Extracted data entries:

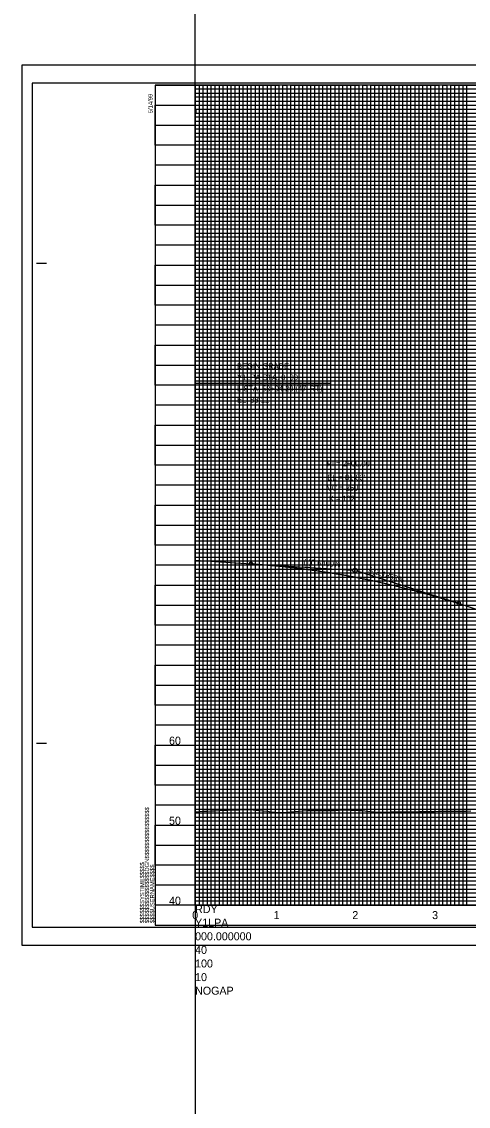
# Model space of a CAD drawing. Extents: x 2345490 to 2436403, y 465165 to 573888.
# Drawn here: x 2410678 to 2411237, y 518231 to 519587 of the extents above; entities that cross this region are included whole.
import ezdxf

# ---------------------------------------------------------------- set-up
doc = ezdxf.new("R2010")
doc.units = 0
for name, color, linetype in [('Old_Level_1', 7, 'Continuous'), ('Old_Level_18', 7, 'Continuous'), ('Old_Level_2', 7, 'Continuous'), ('Old_Level_40', 7, 'Continuous'), ('Old_Level_41', 7, 'Continuous'), ('Old_Level_42', 7, 'Continuous'), ('Old_Level_43', 7, 'Continuous'), ('Old_Level_50', 7, 'Continuous'), ('Old_Level_51', 7, 'Continuous'), ('Old_Level_52', 7, 'Continuous'), ('Old_Level_63', 7, 'Continuous')]:
    doc.layers.add(name, color=color, linetype=linetype)

msp = doc.modelspace()

# ---------------------------------------------------------------- linework, layer by layer
at = {"layer": 'Old_Level_1'}
msp.add_lwpolyline([(2410895.325, 518599.101), (2410900.325, 518599.36625), (2410905.325, 518599.6315), (2410910.325, 518599.897), (2410915.325, 518600.16275), (2410920.325, 518600.42875), (2410925.325, 518600.701), (2410930.325, 518600.896), (2410935.325, 518601.09075), (2410940.325, 518601.286), (2410945.325, 518601.4815), (2410950.325, 518601.677), (2410955.325, 518601.873), (2410960.325, 518602.069), (2410965.325, 518601.73975), (2410970.325, 518601.21325), (2410975.325, 518600.688), (2410980.325, 518600.164), (2410985.325, 518599.64175), (2410990.325, 518599.12075), (2410995.325, 518598.60025), (2411000.325, 518598.07125), (2411005.325, 518598.2125), (2411010.325, 518598.5945), (2411015.325, 518598.98175), (2411020.325, 518599.3745), (2411025.325, 518599.773), (2411030.325, 518600.1775), (2411035.325, 518600.58825), (2411040.325, 518600.65375), (2411045.325, 518600.54725), (2411050.325, 518600.59475), (2411055.325, 518600.6425), (2411060.325, 518600.69075), (2411065.325, 518600.73925), (2411070.325, 518600.78825), (2411075.325, 518601.0075), (2411080.325, 518601.3745), (2411085.325, 518601.44475), (2411090.325, 518601.18475), (2411095.325, 518600.93), (2411100.325, 518600.6805), (2411105.325, 518600.4365), (2411110.325, 518599.981), (2411115.325, 518599.5135), (2411120.325, 518599.05), (2411125.325, 518598.6505), (2411130.325, 518598.69575), (2411135.325, 518598.74275), (2411140.325, 518598.79175), (2411145.325, 518598.84275), (2411150.325, 518598.89575), (2411155.325, 518598.9505), (2411160.325, 518599.0075), (2411165.325, 518599.08675), (2411170.325, 518599.092), (2411175.325, 518599.186), (2411180.325, 518599.2755), (2411185.325, 518599.3645), (2411190.325, 518599.453), (2411195.325, 518599.54075), (2411200.325, 518599.628), (2411205.325, 518599.71475), (2411210.325, 518599.80075), (2411215.325, 518599.886), (2411220.325, 518599.8485), (2411225.325, 518599.77525), (2411230.325, 518599.77475), (2411235.325, 518599.83525), (2411240.325, 518600.069)], dxfattribs=at)
at = {"layer": 'Old_Level_18'}
msp.add_line((2410845.325, 518457.40475), (2410845.325, 518457.40475), dxfattribs=at)
msp.add_line((2410845.325, 518457.40475), (2410845.325, 518457.40475), dxfattribs=at)
msp.add_lwpolyline([(2412345.325, 519507.40475), (2410845.325, 519507.40475), (2410845.325, 518457.40475), (2412345.325, 518457.40475)], close=True, dxfattribs=at)
at = {"layer": 'Old_Level_2'}
for p, q in [((2410895.325, 519134.40475), (2410895.325, 518913.50475)), ((2411063.7915, 519134.40475), (2410895.325, 519134.40475)), ((2410895.325, 518913.50475), (2410965.325, 518909.02475)), ((2410965.325, 518909.02475), (2411092.58075, 518900.88075)), ((2411225.325, 518859.28375), (2411097.94525, 518899.87025)), ((2411225.325, 518859.28375), (2411745.325, 518693.59875))]:
    msp.add_line(p, q, dxfattribs=at)
for centre, radius in [((2410965.325, 518909.02475), 2.25), ((2411095.325, 518900.705), 2.75), ((2411225.325, 518859.28375), 2.25)]:
    msp.add_circle(centre, radius, dxfattribs=at)
msp.add_spline([(2410965.325, 518909.02475), (2410970.525, 518908.67875), (2410975.725, 518908.30625), (2410980.925, 518907.90725), (2410986.125, 518907.48175), (2410991.325, 518907.02975), (2410996.525, 518906.5515), (2411001.725, 518906.0465), (2411006.925, 518905.515), (2411012.125, 518904.95725), (2411017.325, 518904.37275), (2411022.525, 518903.762), (2411027.725, 518903.12475), (2411032.925, 518902.46075), (2411038.125, 518901.7705), (2411043.325, 518901.05375), (2411048.525, 518900.3105), (2411053.725, 518899.54075), (2411058.925, 518898.7445), (2411064.125, 518897.92175), (2411069.325, 518897.07275), (2411074.525, 518896.197), (2411079.725, 518895.29475), (2411084.925, 518894.36625), (2411090.125, 518893.41125), (2411095.325, 518892.4295), (2411100.525, 518891.4215), (2411105.725, 518890.387), (2411110.925, 518889.326), (2411116.125, 518888.2385), (2411121.325, 518887.1245), (2411126.525, 518885.984), (2411131.725, 518884.817), (2411136.925, 518883.6235), (2411142.125, 518882.40375), (2411147.325, 518881.15725), (2411152.525, 518879.8845), (2411157.725, 518878.585), (2411162.925, 518877.25925), (2411168.125, 518875.90675), (2411173.325, 518874.528), (2411178.525, 518873.12275), (2411183.725, 518871.691), (2411188.925, 518870.23275), (2411194.125, 518868.748), (2411199.325, 518867.23675), (2411204.525, 518865.69925), (2411209.725, 518864.135), (2411214.925, 518862.54425), (2411220.125, 518860.92725), (2411225.325, 518859.28375)], degree=3, dxfattribs=at)
at = {"layer": 'Old_Level_40'}
msp.add_line((2410845.325, 518457.40475), (2410845.325, 518457.40475), dxfattribs=at)
msp.add_line((2410845.325, 518457.40475), (2410845.325, 518457.40475), dxfattribs=at)
msp.add_line((2410845.325, 518457.40475), (2410845.325, 518457.40475), dxfattribs=at)
msp.add_line((2410845.325, 518457.40475), (2410845.325, 518457.40475), dxfattribs=at)
at = {"layer": 'Old_Level_41'}
for p, q in [((2410696.825, 519284.90475), (2410709.325, 519284.90475)), ((2410696.825, 518684.90475), (2410709.325, 518684.90475)), ((2412345.325, 518482.40475), (2410845.325, 518482.40475))]:
    msp.add_line(p, q, dxfattribs=at)
for points in [[(2410845.325, 519507.40475), (2410895.325, 519507.40475), (2410895.325, 518482.40475), (2410945.325, 518482.40475), (2410945.325, 519507.40475), (2410995.325, 519507.40475), (2410995.325, 518482.40475), (2411045.325, 518482.40475), (2411045.325, 519507.40475), (2411095.325, 519507.40475), (2411095.325, 518482.40475), (2411145.325, 518482.40475), (2411145.325, 519507.40475), (2411195.325, 519507.40475), (2411195.325, 518482.40475), (2411245.325, 518482.40475)], [(2410920.325, 518482.40475), (2410920.325, 519507.40475), (2410970.325, 519507.40475), (2410970.325, 518482.40475), (2411020.325, 518482.40475), (2411020.325, 519507.40475), (2411070.325, 519507.40475), (2411070.325, 518482.40475), (2411120.325, 518482.40475), (2411120.325, 519507.40475), (2411170.325, 519507.40475), (2411170.325, 518482.40475), (2411220.325, 518482.40475), (2411220.325, 519507.40475), (2411270.325, 519507.40475)], [(2410845.325, 519457.40475), (2412145.275, 519457.40475)], [(2412145.275, 519407.40475), (2410845.325, 519407.40475), (2410845.325, 519357.35475), (2412345.325, 519357.35475)], [(2412345.325, 519332.40475), (2410845.325, 519332.40475), (2410845.325, 519382.40475), (2412145.275, 519382.40475)], [(2412345.325, 519307.40475), (2410845.325, 519307.40475), (2410845.325, 519257.40475), (2412345.325, 519257.40475)], [(2412345.325, 519232.40475), (2410845.325, 519232.40475), (2410845.325, 519282.40475), (2412345.325, 519282.40475)], [(2412345.325, 519207.40475), (2410845.325, 519207.40475), (2410845.325, 519157.40475), (2412345.325, 519157.40475)], [(2412345.325, 519107.40475), (2410845.325, 519107.40475), (2410845.325, 519057.40475), (2412345.325, 519057.40475)], [(2412345.325, 519007.40475), (2410845.325, 519007.40475), (2410845.325, 518957.40475), (2412345.325, 518957.40475)], [(2412345.325, 518907.40475), (2410845.325, 518907.40475), (2410845.325, 518857.40475), (2412345.325, 518857.40475)], [(2412345.325, 518832.40475), (2410845.325, 518832.40475), (2410845.325, 518882.40475), (2412345.325, 518882.40475)], [(2412345.325, 518807.40475), (2410845.325, 518807.40475), (2410845.325, 518757.40475), (2412345.325, 518757.40475)], [(2412345.325, 518732.40475), (2410845.325, 518732.40475), (2410845.325, 518782.40475), (2412345.325, 518782.40475)], [(2412345.325, 518707.40475), (2410845.325, 518707.40475), (2410845.325, 518657.40475), (2412345.325, 518657.40475)], [(2412345.325, 518607.40475), (2410845.325, 518607.40475), (2410845.325, 518557.40475), (2412345.325, 518557.40475)], [(2412345.325, 518532.40475), (2410845.325, 518532.40475), (2410845.325, 518582.40475), (2412345.325, 518582.40475)], [(2412345.325, 518507.40475), (2410845.325, 518507.40475)], [(2410882.825, 518457.40475), (2410882.825, 518457.40475)]]:
    msp.add_lwpolyline(points, dxfattribs=at)
at = {"layer": 'Old_Level_42'}
for points in [[(2412145.275, 519432.40475), (2410845.425, 519432.40475), (2410845.425, 519482.35475), (2412145.275, 519482.35475)], [(2412345.325, 519132.40475), (2410845.325, 519132.40475), (2410845.325, 519182.40475), (2412345.325, 519182.40475)], [(2412345.325, 519032.40475), (2410845.325, 519032.40475), (2410845.325, 519082.40475), (2412345.325, 519082.40475)], [(2412345.325, 518932.40475), (2410845.325, 518932.40475), (2410845.325, 518982.40475), (2412345.325, 518982.40475)], [(2412345.325, 518632.40475), (2410845.325, 518632.40475), (2410845.325, 518682.40475), (2412345.325, 518682.40475)]]:
    msp.add_lwpolyline(points, dxfattribs=at)
at = {"layer": 'Old_Level_43'}
for p, q in [((2412295.325, 519327.40475), (2410895.325, 519327.40475)), ((2410895.325, 519327.40475), (2410895.325, 519322.40475)), ((2410895.325, 519322.40475), (2412295.325, 519322.40475)), ((2412295.325, 519302.40475), (2410895.325, 519302.40475))]:
    msp.add_line(p, q, dxfattribs=at)
for points in [[(2410900.325, 519507.40475), (2410905.325, 519507.40475), (2410910.325, 519507.40475), (2410915.325, 519507.40475), (2410925.325, 519507.40475), (2410892.275, 519507.40475), (2410897.275, 519507.40475), (2410855.325, 519507.40475), (2410860.325, 519507.40475), (2410865.325, 519507.40475), (2410875.325, 519507.40475), (2410880.325, 519507.40475), (2410885.325, 519507.40475), (2410890.325, 519507.40475), (2410900.325, 519507.40475), (2410900.325, 518482.40475), (2410905.325, 518482.40475), (2410905.325, 519507.40475), (2410910.325, 519507.40475), (2410910.325, 518482.40475), (2410915.325, 518482.40475), (2410915.325, 519507.40475), (2410925.325, 519507.40475), (2410925.325, 518482.40475), (2410930.325, 518482.40475), (2410930.325, 519507.40475), (2410935.325, 519507.40475), (2410935.325, 518482.40475), (2410940.325, 518482.40475), (2410940.325, 519507.40475), (2410950.325, 519507.40475), (2410950.325, 518482.40475), (2410955.325, 518482.40475), (2410955.325, 519507.40475), (2410960.325, 519507.40475), (2410960.325, 518482.40475), (2410965.325, 518482.40475), (2410965.325, 519507.40475), (2410975.325, 519507.40475), (2410975.325, 518482.40475), (2410980.325, 518482.40475), (2410980.325, 519507.40475), (2410985.325, 519507.40475), (2410985.325, 518482.40475), (2410990.325, 518482.40475), (2410990.325, 519507.40475), (2411000.325, 519507.40475), (2411000.325, 518482.40475), (2411005.325, 518482.40475), (2411005.325, 519507.40475), (2411010.325, 519507.40475), (2411010.325, 518482.40475), (2411015.325, 518482.40475), (2411015.325, 519507.40475), (2411025.325, 519507.40475), (2411025.325, 518482.40475), (2411030.325, 518482.40475), (2411030.325, 519507.40475), (2411035.325, 519507.40475), (2411035.325, 518482.40475), (2411040.325, 518482.40475), (2411040.325, 519507.40475), (2411050.325, 519507.40475), (2411050.325, 518482.40475), (2411055.325, 518482.40475), (2411055.325, 519507.40475), (2411060.325, 519507.40475), (2411060.325, 518482.40475)], [(2412145.275, 519502.40475), (2410895.325, 519502.40475), (2410895.325, 519497.40475), (2412145.275, 519497.40475)], [(2411060.325, 518482.40475), (2411065.325, 518482.40475), (2411065.325, 519507.40475), (2411075.325, 519507.40475), (2411075.325, 518482.40475), (2411080.325, 518482.40475), (2411080.325, 519507.40475), (2411085.325, 519507.40475), (2411085.325, 518482.40475), (2411090.325, 518482.40475), (2411090.325, 519507.40475), (2411100.325, 519507.40475), (2411100.325, 518482.40475), (2411105.325, 518482.40475), (2411105.325, 519507.40475), (2411105.325, 519507.40475), (2411110.325, 519507.40475), (2411110.325, 518482.40475), (2411115.325, 518482.40475), (2411115.325, 519507.40475), (2411125.325, 519507.40475), (2411125.325, 518482.40475), (2411130.325, 518482.40475), (2411130.325, 519507.40475), (2411135.325, 519507.40475), (2411135.325, 518482.40475), (2411140.325, 518482.40475), (2411140.325, 519507.40475), (2411150.325, 519507.40475), (2411150.325, 518482.40475), (2411155.325, 518482.40475), (2411155.325, 519507.40475), (2411160.325, 519507.40475), (2411160.325, 518482.40475), (2411165.325, 518482.40475), (2411165.325, 519507.40475), (2411175.325, 519507.40475), (2411175.325, 518482.40475), (2411180.325, 518482.40475), (2411180.325, 519507.40475), (2411185.325, 519507.40475), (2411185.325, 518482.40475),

WORK INSTRUCTIONS: Establish how many lines of the data above contain "radius". State that number and no more.

ANSWER SPACE: 2